There is ongoing debate about the appropriate level of regulation required for LDTs and whether routine laboratory quality assurance activities under CLIA ‘88 are sufficient. Given the rapid growth of LDTs in personalized medicine, the American Society for Clinical Pathology (ASCP)recommended that “the regulatory infrastructure adopted must be sufficiently meticulous to safeguard the public without being so burdensome that it impedes emerging technology”16. As a comparator, in Europe most diagnostic tests are considered low-risk and exempt from pre-market evaluation. Therefore, clinical quality of LDTs is managed through professionally driven quality assessment infrastructure16. We agree with this latter approach.

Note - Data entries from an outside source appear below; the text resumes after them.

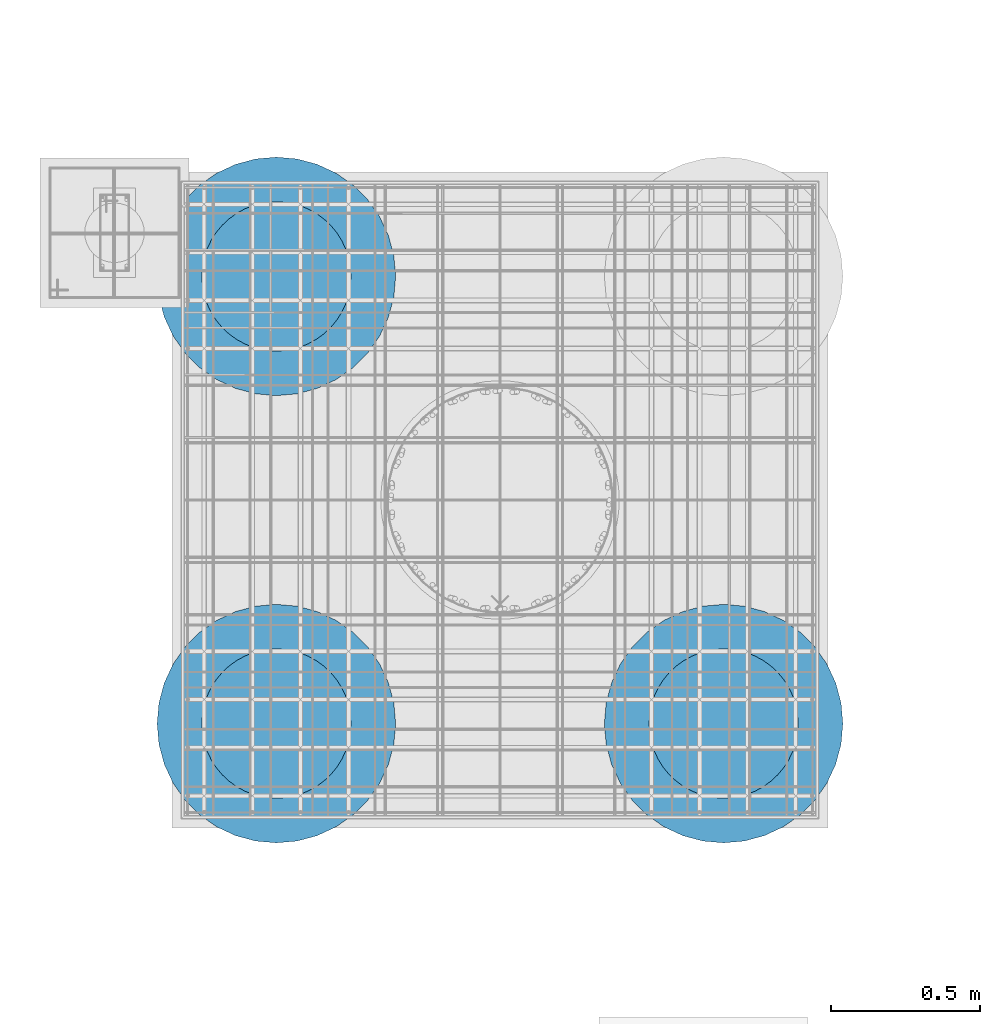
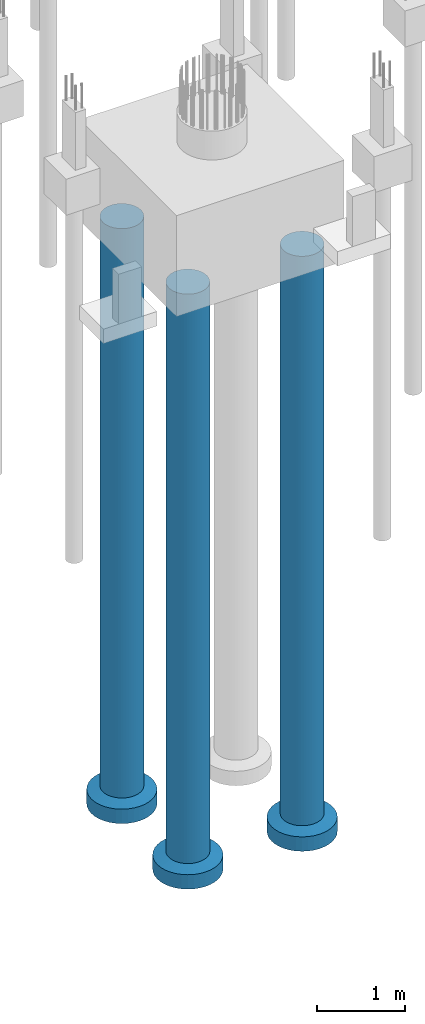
# One storey, part 117 of 119: 3 piles.
"""IFC4 building model written with IfcOpenShell, lengths in centimetres."""

from ifc_helpers import new_model, si_unit, derived_unit, frame, origin_with_axes, origin_2d_with_axis, place, context, project, spatial, circle, extrude, faceted_brep, material, element, save


model = new_model("IFC4")

# Units and contexts
model_context = context("Model", 3, precision=1e-05, world=origin_with_axes(), identifier="Body")
ifc_project = project(units=[si_unit("LENGTHUNIT", "METRE", prefix="CENTI"), si_unit("VOLUMEUNIT", "CUBIC_METRE"), si_unit("AREAUNIT", "SQUARE_METRE"), si_unit("POWERUNIT", "WATT"), si_unit("LUMINOUSFLUXUNIT", "LUMEN"), si_unit("ELECTRICCURRENTUNIT", "AMPERE"), si_unit("PRESSUREUNIT", "PASCAL", prefix="KILO"), si_unit("MASSUNIT", "GRAM", prefix="KILO"), si_unit("PLANEANGLEUNIT", "RADIAN"), derived_unit("VOLUMETRICFLOWRATEUNIT", [(si_unit("LENGTHUNIT", "METRE"), 3), (si_unit("TIMEUNIT", "SECOND"), -1)])], contexts=[model_context])

# Site, building, storey
site_placement = place(None, frame((-4000.0, 0.0, 0.0), z_axis=(0.0, 0.0, 1.0), x_axis=(1.0, 0.0, 0.0)))
site = spatial("IfcSite", under=ifc_project, at=site_placement, Name="PADRÃO")
building_placement = place(site_placement, frame((0.0, 0.0, -14.0)))
building = spatial("IfcBuilding", under=site, at=building_placement, Name="CRECHE PRÉ-ESCOLA TIPO 2")
storey_placement = place(building_placement, origin_with_axes())
storey = spatial("IfcBuildingStorey", under=building, at=storey_placement, Name="FUNDAÇÃO", CompositionType="ELEMENT", Elevation=-14.0)

# Piles
ifc_material = material(Name="Concreto")
pile_1_placement = place(storey_placement, frame((2310.28, 304.39, -165.0), z_axis=(0.0, 0.0, 1.0), x_axis=(1.0, 0.0, 0.0)))
element("IfcPile", 1, at=pile_1_placement, inside=storey, material=ifc_material, Name="T151-1", context=model_context, shape_type="SolidModel", body=[
    extrude(circle(Radius=25.0, at=origin_2d_with_axis()), frame((0.0, 0.0, -790.0), z_axis=(0.0, 0.0, 1.0), x_axis=(1.0, 0.0, 0.0)), (0.0, 0.0, 1.0), 790.0),
    faceted_brep([(-6.94592710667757, -39.3923101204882, -815.0), (-13.6808057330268, -37.5877048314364, -815.0), (-20.0, -34.6410161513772, -815.0), (-25.7115043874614, -30.6417777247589, -815.0), (-30.6417777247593, -25.7115043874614, -815.0), (-34.6410161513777, -20.0, -815.0), (-37.5877048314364, -13.6808057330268, -815.0), (-39.3923101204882, -6.94592710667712, -815.0), (-40.0, 0.0, -815.0), (-39.3923101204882, 6.94592710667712, -815.0), (-37.5877048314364, 13.6808057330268, -815.0), (-34.6410161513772, 20.0, -815.0), (-30.6417777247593, 25.7115043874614, -815.0), (-25.7115043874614, 30.6417777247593, -815.0), (-20.0, 34.6410161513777, -815.0), (-13.6808057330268, 37.5877048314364, -815.0), (-6.94592710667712, 39.3923101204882, -815.0), (0.0, 40.0, -815.0), (6.94592710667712, 39.3923101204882, -815.0), (13.6808057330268, 37.5877048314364, -815.0), (20.0, 34.6410161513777, -815.0), (25.7115043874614, 30.6417777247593, -815.0), (30.6417777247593, 25.7115043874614, -815.0), (34.6410161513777, 20.0, -815.0), (37.5877048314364, 13.6808057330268, -815.0), (39.3923101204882, 6.94592710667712, -815.0), (40.0, 0.0, -815.0), (39.3923101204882, -6.94592710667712, -815.0), (37.5877048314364, -13.6808057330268, -815.0), (34.6410161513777, -20.0, -815.0), (30.6417777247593, -25.7115043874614, -815.0), (25.7115043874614, -30.6417777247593, -815.0), (20.0, -34.6410161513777, -815.0), (13.6808057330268, -37.5877048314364, -815.0), (6.94592710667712, -39.3923101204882, -815.0), (0.0, -40.0, -815.0), (0.0, -40.0, -795.0), (6.94592710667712, -39.3923101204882, -795.0), (13.6808057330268, -37.5877048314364, -795.0), (20.0, -34.6410161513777, -795.0), (25.7115043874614, -30.6417777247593, -795.0), (30.6417777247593, -25.7115043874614, -795.0), (34.6410161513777, -20.0, -795.0), (37.5877048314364, -13.6808057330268, -795.0), (39.3923101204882, -6.94592710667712, -795.0), (40.0, 0.0, -795.0), (39.3923101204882, 6.94592710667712, -795.0), (37.5877048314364, 13.6808057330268, -795.0), (34.6410161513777, 20.0, -795.0), (30.6417777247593, 25.7115043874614, -795.0), (25.7115043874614, 30.6417777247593, -795.0), (20.0, 34.6410161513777, -795.0), (13.6808057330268, 37.5877048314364, -795.0), (6.94592710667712, 39.3923101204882, -795.0), (0.0, 40.0, -795.0), (-6.94592710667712, 39.3923101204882, -795.0), (-13.6808057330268, 37.5877048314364, -795.0), (-20.0, 34.6410161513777, -795.0), (-25.7115043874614, 30.6417777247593, -795.0), (-30.6417777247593, 25.7115043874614, -795.0), (-34.6410161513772, 20.0, -795.0), (-37.5877048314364, 13.6808057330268, -795.0), (-39.3923101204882, 6.94592710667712, -795.0), (-40.0, 0.0, -795.0), (-39.3923101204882, -6.94592710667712, -795.0), (-37.5877048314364, -13.6808057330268, -795.0), (-34.6410161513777, -20.0, -795.0), (-30.6417777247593, -25.7115043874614, -795.0), (-25.7115043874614, -30.6417777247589, -795.0), (-20.0, -34.6410161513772, -795.0), (-13.6808057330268, -37.5877048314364, -795.0), (-6.94592710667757, -39.3923101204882, -795.0)], [[[0, 1, 2, 3, 4, 5, 6, 7, 8, 9, 10, 11, 12, 13, 14, 15, 16, 17, 18, 19, 20, 21, 22, 23, 24, 25, 26, 27, 28, 29, 30, 31, 32, 33, 34, 35]], [[36, 37, 38, 39, 40, 41, 42, 43, 44, 45, 46, 47, 48, 49, 50, 51, 52, 53, 54, 55, 56, 57, 58, 59, 60, 61, 62, 63, 64, 65, 66, 67, 68, 69, 70, 71]], [[36, 35, 37]], [[35, 34, 37]], [[37, 34, 38]], [[34, 33, 38]], [[38, 33, 39]], [[33, 32, 39]], [[39, 32, 40]], [[32, 31, 40]], [[40, 31, 41]], [[31, 30, 41]], [[41, 30, 42]], [[30, 29, 42]], [[42, 29, 43]], [[29, 28, 43]], [[43, 28, 44]], [[28, 27, 44]], [[44, 27, 45]], [[27, 26, 45]], [[45, 26, 46]], [[26, 25, 46]], [[46, 25, 47]], [[25, 24, 47]], [[47, 24, 48]], [[24, 23, 48]], [[48, 23, 49]], [[23, 22, 49]], [[49, 22, 50]], [[22, 21, 50]], [[50, 21, 51]], [[21, 20, 51]], [[51, 20, 52]], [[20, 19, 52]], [[52, 19, 53]], [[19, 18, 53]], [[53, 18, 54]], [[18, 17, 54]], [[54, 17, 55]], [[17, 16, 55]], [[55, 16, 56]], [[16, 15, 56]], [[56, 15, 57]], [[15, 14, 57]], [[57, 14, 58]], [[14, 13, 58]], [[58, 13, 59]], [[13, 12, 59]], [[59, 12, 60]], [[12, 11, 60]], [[60, 11, 61]], [[11, 10, 61]], [[61, 10, 62]], [[10, 9, 62]], [[62, 9, 63]], [[9, 8, 63]], [[63, 8, 64]], [[8, 7, 64]], [[64, 7, 65]], [[7, 6, 65]], [[65, 6, 66]], [[6, 5, 66]], [[66, 5, 67]], [[5, 4, 67]], [[67, 4, 68]], [[4, 3, 68]], [[68, 3, 69]], [[3, 2, 69]], [[69, 2, 70]], [[2, 1, 70]], [[70, 1, 71]], [[1, 0, 71]], [[71, 0, 36]], [[0, 35, 36]]]),
    faceted_brep([(-6.94592710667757, -39.3923101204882, -795.0), (-13.6808057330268, -37.5877048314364, -795.0), (-20.0, -34.6410161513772, -795.0), (-25.7115043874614, -30.6417777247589, -795.0), (-30.6417777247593, -25.7115043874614, -795.0), (-34.6410161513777, -20.0, -795.0), (-37.5877048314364, -13.6808057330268, -795.0), (-39.3923101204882, -6.94592710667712, -795.0), (-40.0, 0.0, -795.0), (-39.3923101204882, 6.94592710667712, -795.0), (-37.5877048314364, 13.6808057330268, -795.0), (-34.6410161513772, 20.0, -795.0), (-30.6417777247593, 25.7115043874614, -795.0), (-25.7115043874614, 30.6417777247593, -795.0), (-20.0, 34.6410161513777, -795.0), (-13.6808057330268, 37.5877048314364, -795.0), (-6.94592710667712, 39.3923101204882, -795.0), (0.0, 40.0, -795.0), (6.94592710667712, 39.3923101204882, -795.0), (13.6808057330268, 37.5877048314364, -795.0), (20.0, 34.6410161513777, -795.0), (25.7115043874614, 30.6417777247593, -795.0), (30.6417777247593, 25.7115043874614, -795.0), (34.6410161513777, 20.0, -795.0), (37.5877048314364, 13.6808057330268, -795.0), (39.3923101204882, 6.94592710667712, -795.0), (40.0, 0.0, -795.0), (39.3923101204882, -6.94592710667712, -795.0), (37.5877048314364, -13.6808057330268, -795.0), (34.6410161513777, -20.0, -795.0), (30.6417777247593, -25.7115043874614, -795.0), (25.7115043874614, -30.6417777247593, -795.0), (20.0, -34.6410161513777, -795.0), (13.6808057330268, -37.5877048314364, -795.0), (6.94592710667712, -39.3923101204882, -795.0), (0.0, -40.0, -795.0), (0.0, -25.0, -790.0), (4.3412044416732, -24.6201938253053, -790.0), (8.55050358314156, -23.4923155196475, -790.0), (12.5, -21.6506350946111, -790.0), (16.0696902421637, -19.1511110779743, -790.0), (19.1511110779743, -16.0696902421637, -790.0), (21.6506350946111, -12.5, -790.0), (23.4923155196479, -8.55050358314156, -790.0), (24.6201938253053, -4.3412044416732, -790.0), (25.0, 0.0, -790.0), (24.6201938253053, 4.3412044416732, -790.0), (23.4923155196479, 8.55050358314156, -790.0), (21.6506350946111, 12.5, -790.0), (19.1511110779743, 16.0696902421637, -790.0), (16.0696902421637, 19.1511110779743, -790.0), (12.5, 21.6506350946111, -790.0), (8.55050358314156, 23.4923155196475, -790.0), (4.3412044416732, 24.6201938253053, -790.0), (0.0, 25.0, -790.0), (-4.3412044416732, 24.6201938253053, -790.0), (-8.55050358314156, 23.4923155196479, -790.0), (-12.5, 21.6506350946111, -790.0), (-16.0696902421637, 19.1511110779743, -790.0), (-19.1511110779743, 16.0696902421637, -790.0), (-21.6506350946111, 12.5, -790.0), (-23.4923155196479, 8.55050358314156, -790.0), (-24.6201938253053, 4.3412044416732, -790.0), (-25.0, 0.0, -790.0), (-24.6201938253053, -4.3412044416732, -790.0), (-23.4923155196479, -8.55050358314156, -790.0), (-21.6506350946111, -12.5, -790.0), (-19.1511110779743, -16.0696902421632, -790.0), (-16.0696902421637, -19.1511110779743, -790.0), (-12.5, -21.6506350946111, -790.0), (-8.55050358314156, -23.4923155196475, -790.0), (-4.3412044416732, -24.6201938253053, -790.0)], [[[0, 1, 2, 3, 4, 5, 6, 7, 8, 9, 10, 11, 12, 13, 14, 15, 16, 17, 18, 19, 20, 21, 22, 23, 24, 25, 26, 27, 28, 29, 30, 31, 32, 33, 34, 35]], [[36, 37, 38, 39, 40, 41, 42, 43, 44, 45, 46, 47, 48, 49, 50, 51, 52, 53, 54, 55, 56, 57, 58, 59, 60, 61, 62, 63, 64, 65, 66, 67, 68, 69, 70, 71]], [[36, 35, 37]], [[35, 34, 37]], [[37, 34, 38]], [[34, 33, 38]], [[38, 33, 39]], [[33, 32, 39]], [[39, 32, 40]], [[32, 31, 40]], [[40, 31, 41]], [[31, 30, 41]], [[41, 30, 42]], [[30, 29, 42]], [[42, 29, 43]], [[29, 28, 43]], [[43, 28, 44]], [[28, 27, 44]], [[44, 27, 45]], [[27, 26, 45]], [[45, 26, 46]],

By analogy to the FDA-CDC AR Isolate Bank, we envision a public health resource to assist in LDT development that would have the added benefit of greater standardization of assays between institutions. Currently, microbiology laboratories independently construct and validate LDTs for similar sets of pathogens given comparable clinical needs and the lack of commercial testing options. A free centralized publicly available database of pooled procedural and validation information would provide a much more comprehensive understanding of assay design and performance, and allow laboratories to benefit from collective experience instead of each reinventing the wheel on its own. Best practice procedures including reagent and assay performance characteristics could then be described in consensus guidelines, which would ultimately raise the quality of overall diagnostic testing.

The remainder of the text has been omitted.